◆ INSTRUCTIONS TO FOLLOW ◆
Repeat each line, word for word, from the one containing "curve 69 at 0.5" through the last line of the entries, and include no other output.

◆ RECORDS SUPPLIED ◆
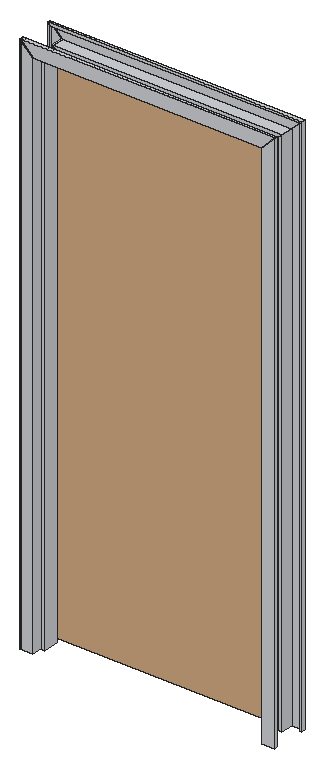
Revit family "Int-F-WDMF-36 x 84", category Doors, host Wall, Revit 2014
Parameters (values of type "Int-F-WDMF-36" x 84"")
  Width = Door Panel Width  # 3' - 0"
  Wall Thickness [instance] = 0' - 4 7/8"
  URL = ""
  Type Comments = ""
  Thickness = 0' - 1 3/4"
  Swing Angle [instance] = 90.00°
  SDI RO Spacing = 0' - 0"
  SDI Panel 1 Width = Leaf Width + 0' 0 3/16"  # 3' - 0"
  SDI No Panels = ""
  SDI HW Set [instance] = ""
  SDI HW Item LO-2 [instance] = ""
  SDI HW Item LO-1 [instance] = ""
  SDI HW Item KP-2 [instance] = ""
  SDI HW Item KP-1 [instance] = ""
  SDI HW Item HI-2 [instance] = ""
  SDI HW Item HI-1 [instance] = ""
  SDI HW Item HC-2 [instance] = ""
  SDI HW Item HC-1 [instance] = ""
  SDI HW Item ED-2 [instance] = ""
  SDI HW Item ED-1 [instance] = ""
  SDI HW Item DO-2 [instance] = ""
  SDI HW Item DO-1 [instance] = ""
  SDI HW Item CL-2 [instance] = ""
  SDI HW Item CL-1 [instance] = ""
  SDI Glass Material = Glass
  SDI Frame Type = "3 Piece"
  SDI Frame Material Type = "Hollow Metal"
  SDI Frame Material = Paint - Generic - Prime
  SDI Frame Manufacturer = ""
  SDI Frame Jamb Width = 0' - 2"
  SDI Frame Head Width = 0' - 2"
  SDI Frame Finish Type = "Painted"
  SDI Frame Finish Color = "Prime"
  SDI Frame Depth [instance] = 0' - 5 7/8"
  SDI Family Version = "1.0"
  SDI Door Panel Type = "F"
  SDI Door Material Type = "Wood"
  SDI Door Material = Stain - SRO - Red Oak 100 Clear
  SDI Door Manufacturer = ""
  SDI Door Finish Type = "SRO"
  SDI Door Finish Color = "Red Oak 100 Clear"
  SDI Door Configuration = "SG"
  SDI Arch Frame Type [instance] = ""
  SDI Arch Frame Material Type [instance] = "HM"
  SDI Arch Door Panel Type [instance] = "F"
  SDI Arch Door Material Type [instance] = "WD"
  Rough Width = Frame Width - 0' 1" + 2 * SDI RO Spacing  # 3' - 3"
  Rough Height = Frame Height - 0' 0 1/2" + SDI RO Spacing  # 7' - 1 1/2"
  R1 Height = 7' - 0"
  P1 Width = 3' - 2"
  Model = "Int-F-WDMF-36\" x 84\""
  Manufacturer = ""
  Leaf Width = P1 Width - 0' 2 3/16"  # 2' - 11 13/16"
  Height = Door Panel Height  # 7' - 0"
  Function = Interior
  Frame Width = P1 Width + 0' 2"  # 3' - 4"
  Frame Offset [instance] = 0' - 0"
  Frame Height = R1 Height + 0' 2"  # 7' - 2"
  Fire Rating = ""
  Exterior Glazing [instance] = no
  Door Panel Width = P1 Width - 0' 2"  # 3' - 0"
  Door Panel Height = R1 Height + 0' 2" - (0' 2")  # 7' - 0"
  Description = "Wood Door with Hollow Metal Frame"
  Cost = 0
  Assembly Code = "C1020320"
  Analytic Construction = "<None>"
  ADA Clearance Lines = no
Reference planes (in)
  plane 1: y = 0
  plane 2 "Center (Left/Right)": x = 0
  plane 3 "Wall Edge": y = 2.4375
  plane 4 "Wall Interior": y = -2.4375
  plane 5 "ModelRefLevel": z = 0
  plane 6 "FrameDepthPlane": y = 0
  plane 7 "FrameFront": y = 2.9375
  plane 8 "FrameBack": y = -2.9375
  plane 9 "V0": x = 19
  plane 10 "V1": x = -19
  plane 11 "H0": z = 1
  plane 12 "H1": z = 85
  plane 13 "DoorLeft": x = 18
  plane 14 "DoorRight": x = -18
  plane 15 "DoorCenter": x = 0
  plane 16 "DoorTop": z = 83.875
  plane 17 "DoorCenterTB": z = 41.9375
  plane 18 "DoorExtFace": y = 2.875
  plane 19 "DoorGlassFace": y = 2.125
  plane 20 "LockCenterLine": z = 41.3125
  plane 21 "ActDoorLeft": x = 17.90625
  plane 22 "SwingClrPlane": y = 62.4375
  plane 23 "SwingPartialPlane": y = 50.4375
Forms (in)
  Extrusion 1, solid
    sketch origin (138.6875, 0, 43) x (-1, 0, 0) y (0, -1, 0)
      loop
        line (119.0625, -2.4375) -> (118.6875, -2.4375) -> (118.6875, -2.9375) -> (120.6875, -2.9375) -> (120.6875, -1) -> (121.3125, -1) -> (121.3125, 1.375) -> (120.6875, 1.375) -> (120.6875, 2.9375) -> (118.6875, 2.9375) -> (118.6875, 2.4375) -> (119.0625, 2.4375) -> (119.0625, 2.5) -> (118.75, 2.5) -> (118.75, 2.875) -> (120.625, 2.875) -> (120.625, 1.3125) -> (121.25, 1.3125) -> (121.25, -0.9375) -> (120.625, -0.9375) -> (120.625, -2.875) -> (118.75, -2.875) -> (118.75, -2.5) -> (119.0625, -2.5) -> (119.0625, -2.4375)
    from -43 to 43
  Extrusion 2, void
    sketch origin (0, 2.4375, 0) x (1, 0, 0) y (0, 0, 1)
      loop
        line (20, 86) -> (17.375, 86) -> (17.375, 83.375) -> (20, 86)
    from -12 to 12
  Extrusion 3, solid
    sketch origin (101.3125, 0, 43) x (-1, 0, 0) y (0, -1, 0)
      loop
        line (120.9375, -2.5) -> (121.25, -2.5) -> (121.25, -2.875) -> (119.375, -2.875) -> (119.375, -0.9375) -> (118.75, -0.9375) -> (118.75, 1.3125) -> (119.375, 1.3125) -> (119.375, 2.875) -> (121.25, 2.875) -> (121.25, 2.5) -> (120.9375, 2.5) -> (120.9375, 2.4375) -> (121.3125, 2.4375) -> (121.3125, 2.9375) -> (119.3125, 2.9375) -> (119.3125, 1.375) -> (118.6875, 1.375) -> (118.6875, -1) -> (119.3125, -1) -> (119.3125, -2.9375) -> (121.3125, -2.9375) -> (121.3125, -2.4375) -> (120.9375, -2.4375) -> (120.9375, -2.5)
    from -43 to 43
  Extrusion 4, void
    sketch origin (0, 2.4375, 0) x (1, 0, 0) y (0, 0, 1)
      loop
        line (-20, 86) -> (-17.375, 83.375) -> (-17.375, 86) -> (-20, 86)
    from -12 to 12
  Extrusion 5, solid
    sketch origin (0, 0, 84.6875) x (0, 1, 0) y (0, 0, 1)
      loop
        line (2.5, 0.9375) -> (2.5, 1.25) -> (2.875, 1.25) -> (2.875, -0.625) -> (0.9375, -0.625) -> (0.9375, -1.25) -> (-1.3125, -1.25) -> (-1.3125, -0.625) -> (-2.875, -0.625) -> (-2.875, 1.25) -> (-2.5, 1.25) -> (-2.5, 0.9375) -> (-2.4375, 0.9375) -> (-2.4375, 1.3125) -> (-2.9375, 1.3125) -> (-2.9375, -0.6875) -> (-1.375, -0.6875) -> (-1.375, -1.3125) -> (1, -1.3125) -> (1, -0.6875) -> (2.9375, -0.6875) -> (2.9375, 1.3125) -> (2.4375, 1.3125) -> (2.4375, 0.9375) -> (2.5, 0.9375)
    from -20 to 20
  Extrusion 6, void
    sketch origin (0, 2.4375, 0) x (1, 0, 0) y (0, 0, 1)
      loop
        line (-20, 86) -> (-20, 83.375) -> (-17.375, 83.375) -> (-20, 86)
    from -12 to 12
  Extrusion 7, void
    sketch origin (0, 2.4375, 0) x (1, 0, 0) y (0, 0, 1)
      loop
        line (20, 86) -> (17.375, 83.375) -> (20, 83.375) -> (20, 86)
    from -12 to 12
  Extrusion 8, solid, material "Stain - SRO - Red Oak 100 Clear" <- "SDI Door Material"
    sketch origin (-72, 2.875, -24) x (1, 0, 0) y (0, 0, 1)
      loop
        line (89.90625, 24.625) -> (89.90625, 107.875) -> (54.09375, 107.875) -> (54.09375, 24.625) -> (89.90625, 24.625)
    from 0 to 1.75
Cuts and joins
  Extrusion 2 cuts Extrusion 1
  Extrusion 4 cuts Extrusion 3
  Extrusion 6, Extrusion 7 cuts Extrusion 5
Lines and regions (in)
  Opening 1
    outline origin (-60, -2.4375, 0) x (1, 0, 0) y (0, 0, 1)
      loop
        line (79.5, 0) -> (79.5, 85.5) -> (40.5, 85.5) -> (40.5, 0) -> (79.5, 0)
  symbolic lines, style "DoorsFrameMullionProjection", detail levels fine
    curve 1: line (19.625, 2.4375, 0) -> (20, 2.4375, 0)
    curve 2: line (20, 2.4375, 0) -> (20, 2.9375, 0)
    curve 3: line (20, 2.9375, 0) -> (18, 2.9375, 0)
    curve 4: line (18, 2.9375, 0) -> (18, 1, 0)
    curve 5: line (18, 1, 0) -> (17.375, 1, 0)
    curve 6: line (17.375, 1, 0) -> (17.375, -1.375, 0)
    curve 7: line (17.375, -1.375, 0) -> (18, -1.375, 0)
    curve 8: line (18, -1.375, 0) -> (18, -2.9375, 0)
    curve 9: line (18, -2.9375, 0) -> (20, -2.9375, 0)
    curve 10: line (20, -2.9375, 0) -> (20, -2.4375, 0)
    curve 11: line (20, -2.4375, 0) -> (19.625, -2.4375, 0)
    curve 12: line (19.625, -2.4375, 0) -> (19.625, -2.5, 0)
    curve 13: line (19.625, -2.5, 0) -> (19.9375, -2.5, 0)
    curve 14: line (19.9375, -2.5, 0) -> (19.9375, -2.875, 0)
    curve 15: line (19.9375, -2.875, 0) -> (18.0625, -2.875, 0)
    curve 16: line (18.0625, -2.875, 0) -> (18.0625, -1.3125, 0)
    curve 17: line (18.0625, -1.3125, 0) -> (17.4375, -1.3125, 0)
    curve 18: line (17.4375, -1.3125, 0) -> (17.4375, 0.9375, 0)
    curve 19: line (17.4375, 0.9375, 0) -> (18.0625, 0.9375, 0)
    curve 20: line (18.0625, 0.9375, 0) -> (18.0625, 2.875, 0)
    curve 21: line (18.0625, 2.875, 0) -> (19.9375, 2.875, 0)
    curve 22: line (19.9375, 2.875, 0) -> (19.9375, 2.5, 0)
    curve 23: line (19.9375, 2.5, 0) -> (19.625, 2.5, 0)
    curve 24: line (19.625, 2.5, 0) -> (19.625, 2.4375, 0)
    curve 37: line (-19.625, 2.5, 0) -> (-19.9375, 2.5, 0)
    curve 38: line (-19.9375, 2.5, 0) -> (-19.9375, 2.875, 0)
    curve 39: line (-19.9375, 2.875, 0) -> (-18.0625, 2.875, 0)
    curve 40: line (-18.0625, 2.875, 0) -> (-18.0625, 0.9375, 0)
    curve 41: line (-18.0625, 0.9375, 0) -> (-17.4375, 0.9375, 0)
    curve 42: line (-17.4375, 0.9375, 0) -> (-17.4375, -1.3125, 0)
    curve 43: line (-17.4375, -1.3125, 0) -> (-18.0625, -1.3125, 0)
    curve 44: line (-18.0625, -1.3125, 0) -> (-18.0625, -2.875, 0)
    curve 45: line (-18.0625, -2.875, 0) -> (-19.9375, -2.875, 0)
    curve 46: line (-19.9375, -2.875, 0) -> (-19.9375, -2.5, 0)
    curve 47: line (-19.9375, -2.5, 0) -> (-19.625, -2.5, 0)
    curve 48: line (-19.625, -2.5, 0) -> (-19.625, -2.4375, 0)
    curve 49: line (-19.625, -2.4375, 0) -> (-20, -2.4375, 0)
    curve 50: line (-20, -2.4375, 0) -> (-20, -2.9375, 0)
    curve 51: line (-20, -2.9375, 0) -> (-18, -2.9375, 0)
    curve 52: line (-18, -2.9375, 0) -> (-18, -1.375, 0)
    curve 53: line (-18, -1.375, 0) -> (-17.375, -1.375, 0)
    curve 54: line (-17.375, -1.375, 0) -> (-17.375, 1, 0)
    curve 55: line (-17.375, 1, 0) -> (-18, 1, 0)
    curve 56: line (-18, 1, 0) -> (-18, 2.9375, 0)
    curve 57: line (-18, 2.9375, 0) -> (-20, 2.9375, 0)
    curve 58: line (-20, 2.9375, 0) -> (-20, 2.4375, 0)
    curve 59: line (-20, 2.4375, 0) -> (-19.625, 2.4375, 0)
    curve 60: line (-19.625, 2.4375, 0) -> (-19.625, 2.5, 0)
  symbolic lines, style "DoorsFrameMullionProjection", detail levels coarse
    curve 25: line (18, -2.9375, 0) -> (19.5, -2.9375, 0)
    curve 26: line (18, 2.9375, 0) -> (19.5, 2.9375, 0)
    curve 27: line (18, -2.9375, 0) -> (18, 2.9375, 0)
    curve 28: line (19.5, -2.9375, 0) -> (19.5, 2.9375, 0)
    curve 61: line (-19.5, -2.9375, 0) -> (-18, -2.9375, 0)
    curve 62: line (-19.5, 2.9375, 0) -> (-18, 2.9375, 0)
    curve 63: line (-19.5, -2.9375, 0) -> (-19.5, 2.9375, 0)
    curve 64: line (-18, -2.9375, 0) -> (-18, 2.9375, 0)
  symbolic lines, style "DoorsFrameMullionProjection", detail levels medium
    curve 29: line (18, -2.9375, 0) -> (20, -2.9375, 0)
    curve 30: line (20, -2.9375, 0) -> (20, -2.4375, 0)
    curve 31: line (19.5, -2.4375, 0) -> (20, -2.4375, 0)
    curve 32: line (19.5, -2.4375, 0) -> (19.5, 2.4375, 0)
    curve 33: line (19.5, 2.4375, 0) -> (20, 2.4375, 0)
    curve 34: line (20, 2.9375, 0) -> (20, 2.4375, 0)
    curve 35: line (18, 2.9375, 0) -> (20, 2.9375, 0)
    curve 36: line (18, -2.9375, 0) -> (18, 2.9375, 0)
    curve 65: line (-20, -2.9375, 0) -> (-18, -2.9375, 0)
    curve 66: line (-20, -2.9375, 0) -> (-20, -2.4375, 0)
    curve 67: line (-20, -2.4375, 0) -> (-19.5, -2.4375, 0)
    curve 68: line (-19.5, -2.4375, 0) -> (-19.5, 2.4375, 0)
    curve 69: line (-20, 2.4375, 0) -> (-19.5, 2.4375, 0)
    curve 70: line (-20, 2.9375, 0) -> (-20, 2.4375, 0)
    curve 71: line (-20, 2.9375, 0) -> (-18, 2.9375, 0)
    curve 72: line (-18, -2.9375, 0) -> (-18, 2.9375, 0)
  symbolic lines, style "Elevation Swing"
    curve 73: line (-17.90625, 2.4375, 83.875) -> (17.90625, 2.4375, 41.9375)
    curve 74: line (-17.90625, 2.4375, 0) -> (17.90625, 2.4375, 41.9375)
  symbolic lines, style "ADA Clearance", visible <- "ADA Clearance Lines"
    curve 75: line (20, 2.4375, 0) -> (20, 62.4375, 0)
    curve 76: line (-36, 62.4375, 0) -> (20, 62.4375, 0)
    curve 77: line (-36, 50.4375, 0) -> (20, 50.4375, 0)
    curve 78: line (-36, 2.4375, 0) -> (-36, 62.4375, 0)
    curve 79: line (20, -2.4375, 0) -> (20, -50.4375, 0)
    curve 80: line (-30, -50.4375, 0) -> (20, -50.4375, 0)
    curve 81: line (-30, -2.4375, 0) -> (-30, -50.4375, 0)
Text (in)
  text "Placement Side" at (0, 40.15149, 123.01588), in view "Right"
  text "Placement Side" at (-70.3804, 28.46503, 0), in view "Ref. Level"
  text "Placement Side" at (0, 81.62555, 140.59947), in view "Left"
Dimensions and locks (in)
  locked: plane 3 "Wall Edge" to host wall
  equal spacing: host wall, plane 2 "Center (Left/Right)", host wall
  "Rough Width": host wall to host wall
  "Rough Height": level to host wall
  equal spacing: plane 3 "Wall Edge", plane 1, plane 4 "Wall Interior"
  "Wall Thickness": host wall to host wall
  locked: plane 3 "Wall Edge" to plane 7 "FrameFront" at 0.5
  locked: plane 4 "Wall Interior" to plane 8 "FrameBack" at 0.5
  "SDI Frame Depth": plane 7 "FrameFront" to plane 8 "FrameBack"
  equal spacing: plane 9 "V0", plane 2 "Center (Left/Right)", plane 10 "V1"
  "P1 Width": plane 9 "V0" to plane 10 "V1"
  "R1 Height": plane 11 "H0" to plane 12 "H1"
  locked: plane 12 "H1" to Extrusion 1 at 1
  locked: plane 11 "H0" to Extrusion 1 at 1
  locked: plane 9 "V0" to Extrusion 1 at 0.9375  (x4)
  locked: plane 9 "V0" to Extrusion 1 at 1.5625
  locked: plane 9 "V0" to Extrusion 1 at 1  (x4)
  locked: plane 9 "V0" to Extrusion 1 at 0.625  (x3)
  locked: plane 9 "V0" to Extrusion 1 at 1.625
  locked: plane 12 "H1" to Extrusion 3 at 1
  locked: plane 11 "H0" to Extrusion 3 at 1
  locked: plane 10 "V1" to Extrusion 3 at 0.625  (x2)
  locked: plane 10 "V1" to Extrusion 3 at 1  (x5)
  locked: plane 10 "V1" to Extrusion 3 at 1.625
  locked: plane 10 "V1" to Extrusion 3 at 0.9375  (x4)
  locked: plane 10 "V1" to Extrusion 3 at 1.5625
  locked: plane 9 "V0" to Extrusion 5 at 1
  locked: plane 10 "V1" to Extrusion 5 at 1
  locked: plane 12 "H1" to Extrusion 5 at 0.9375  (x5)
  locked: plane 12 "H1" to Extrusion 5 at 1.5625
  locked: plane 12 "H1" to Extrusion 5 at 1  (x4)
  locked: plane 12 "H1" to Extrusion 5 at 0.625  (x2)
  locked: plane 12 "H1" to Extrusion 5 at 1.625
  locked: plane 7 "FrameFront" to cut or joined group of Extrusion 1, Extrusion 2 at 1.9375
  locked: plane 7 "FrameFront" to cut or joined group of Extrusion 1, Extrusion 2 at 2
  locked: plane 7 "FrameFront" to cut or joined group of Extrusion 1, Extrusion 2 at 0.0625
  locked: plane 7 "FrameFront" to cut or joined group of Extrusion 1, Extrusion 2 at 0.4375
  locked: plane 7 "FrameFront" to cut or joined group of Extrusion 1, Extrusion 2 at 0.5
  locked: plane 8 "FrameBack" to cut or joined group of Extrusion 1, Extrusion 2 at 1.5625
  locked: plane 8 "FrameBack" to cut or joined group of Extrusion 1, Extrusion 2 at 0.5
  locked: plane 8 "FrameBack" to cut or joined group of Extrusion 1, Extrusion 2 at 0.4375
  locked: plane 8 "FrameBack" to cut or joined group of Extrusion 1, Extrusion 2 at 0.0625
  locked: plane 8 "FrameBack" to cut or joined group of Extrusion 1, Extrusion 2 at 1.625
  locked: plane 7 "FrameFront" to cut or joined group of Extrusion 3, Extrusion 4 at 0.0625
  locked: plane 7 "FrameFront" to cut or joined group of Extrusion 3, Extrusion 4 at 2
  locked: plane 7 "FrameFront" to cut or joined group of Extrusion 3, Extrusion 4 at 1.9375
  locked: plane 7 "FrameFront" to cut or joined group of Extrusion 3, Extrusion 4 at 0.5
  locked: plane 7 "FrameFront" to cut or joined group of Extrusion 3, Extrusion 4 at 0.4375
  locked: plane 8 "FrameBack" to cut or joined group of Extrusion 3, Extrusion 4 at 1.625
  locked: plane 8 "FrameBack" to cut or joined group of Extrusion 3, Extrusion 4 at 0.0625
  locked: plane 8 "FrameBack" to cut or joined group of Extrusion 3, Extrusion 4 at 0.4375
  locked: plane 8 "FrameBack" to cut or joined group of Extrusion 3, Extrusion 4 at 0.5
  locked: plane 8 "FrameBack" to cut or joined group of Extrusion 3, Extrusion 4 at 1.5625
  locked: plane 7 "FrameFront" to cut or joined group of Extrusion 5, Extrusion 6, Extrusion 7 at 0.0625
  locked: plane 7 "FrameFront" to cut or joined group of Extrusion 5, Extrusion 6, Extrusion 7 at 2
  locked: plane 7 "FrameFront" to cut or joined group of Extrusion 5, Extrusion 6, Extrusion 7 at 1.9375
  locked: plane 7 "FrameFront" to cut or joined group of Extrusion 5, Extrusion 6, Extrusion 7 at 0.5
  locked: plane 7 "FrameFront" to cut or joined group of Extrusion 5, Extrusion 6, Extrusion 7 at 0.4375
  locked: plane 8 "FrameBack" to cut or joined group of Extrusion 5, Extrusion 6, Extrusion 7 at 1.625
  locked: plane 8 "FrameBack" to cut or joined group of Extrusion 5, Extrusion 6, Extrusion 7 at 0.0625
  locked: plane 8 "FrameBack" to cut or joined group of Extrusion 5, Extrusion 6, Extrusion 7 at 0.4375
  locked: plane 8 "FrameBack" to cut or joined group of Extrusion 5, Extrusion 6, Extrusion 7 at 0.5
  locked: plane 8 "FrameBack" to cut or joined group of Extrusion 5, Extrusion 6, Extrusion 7 at 1.5625
  locked: plane 7 "FrameFront" to curve 1 at 0.5
  locked: plane 7 "FrameFront" to curve 5 at 1.9375
  locked: plane 7 "FrameFront" to curve 19 at 2
  locked: plane 7 "FrameFront" to curve 21 at 0.0625
  locked: plane 7 "FrameFront" to curve 23 at 0.4375
  locked: plane 7 "FrameFront" to curve 33 at 0.5
  locked: plane 7 "FrameFront" to curve 37 at 0.4375
  locked: plane 7 "FrameFront" to curve 39 at 0.0625
  locked: plane 7 "FrameFront" to curve 41 at 2
  locked: plane 7 "FrameFront" to curve 55 at 1.9375
  locked: plane 7 "FrameFront" to curve 59 at 0.5
  locked: plane 7 "FrameFront" to curve 69 at 0.5
  locked: plane 8 "FrameBack" to curve 7 at 1.5625
  locked: plane 8 "FrameBack" to curve 11 at 0.5
  locked: plane 8 "FrameBack" to curve 13 at 0.4375
  locked: plane 8 "FrameBack" to curve 15 at 0.0625
  locked: plane 8 "FrameBack" to curve 17 at 1.625
  locked: plane 8 "FrameBack" to curve 31 at 0.5
  locked: plane 8 "FrameBack" to curve 43 at 1.625
  locked: plane 8 "FrameBack" to curve 45 at 0.0625
  locked: plane 8 "FrameBack" to curve 47 at 0.4375
  locked: plane 8 "FrameBack" to curve 49 at 0.5
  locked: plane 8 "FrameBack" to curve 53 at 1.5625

◆ SOLVED PROBLEM ◆
  locked: plane 7 "FrameFront" to curve 69 at 0.5
  locked: plane 8 "FrameBack" to curve 7 at 1.5625
  locked: plane 8 "FrameBack" to curve 11 at 0.5
  locked: plane 8 "FrameBack" to curve 13 at 0.4375
  locked: plane 8 "FrameBack" to curve 15 at 0.0625
  locked: plane 8 "FrameBack" to curve 17 at 1.625
  locked: plane 8 "FrameBack" to curve 31 at 0.5
  locked: plane 8 "FrameBack" to curve 43 at 1.625
  locked: plane 8 "FrameBack" to curve 45 at 0.0625
  locked: plane 8 "FrameBack" to curve 47 at 0.4375
  locked: plane 8 "FrameBack" to curve 49 at 0.5
  locked: plane 8 "FrameBack" to curve 53 at 1.5625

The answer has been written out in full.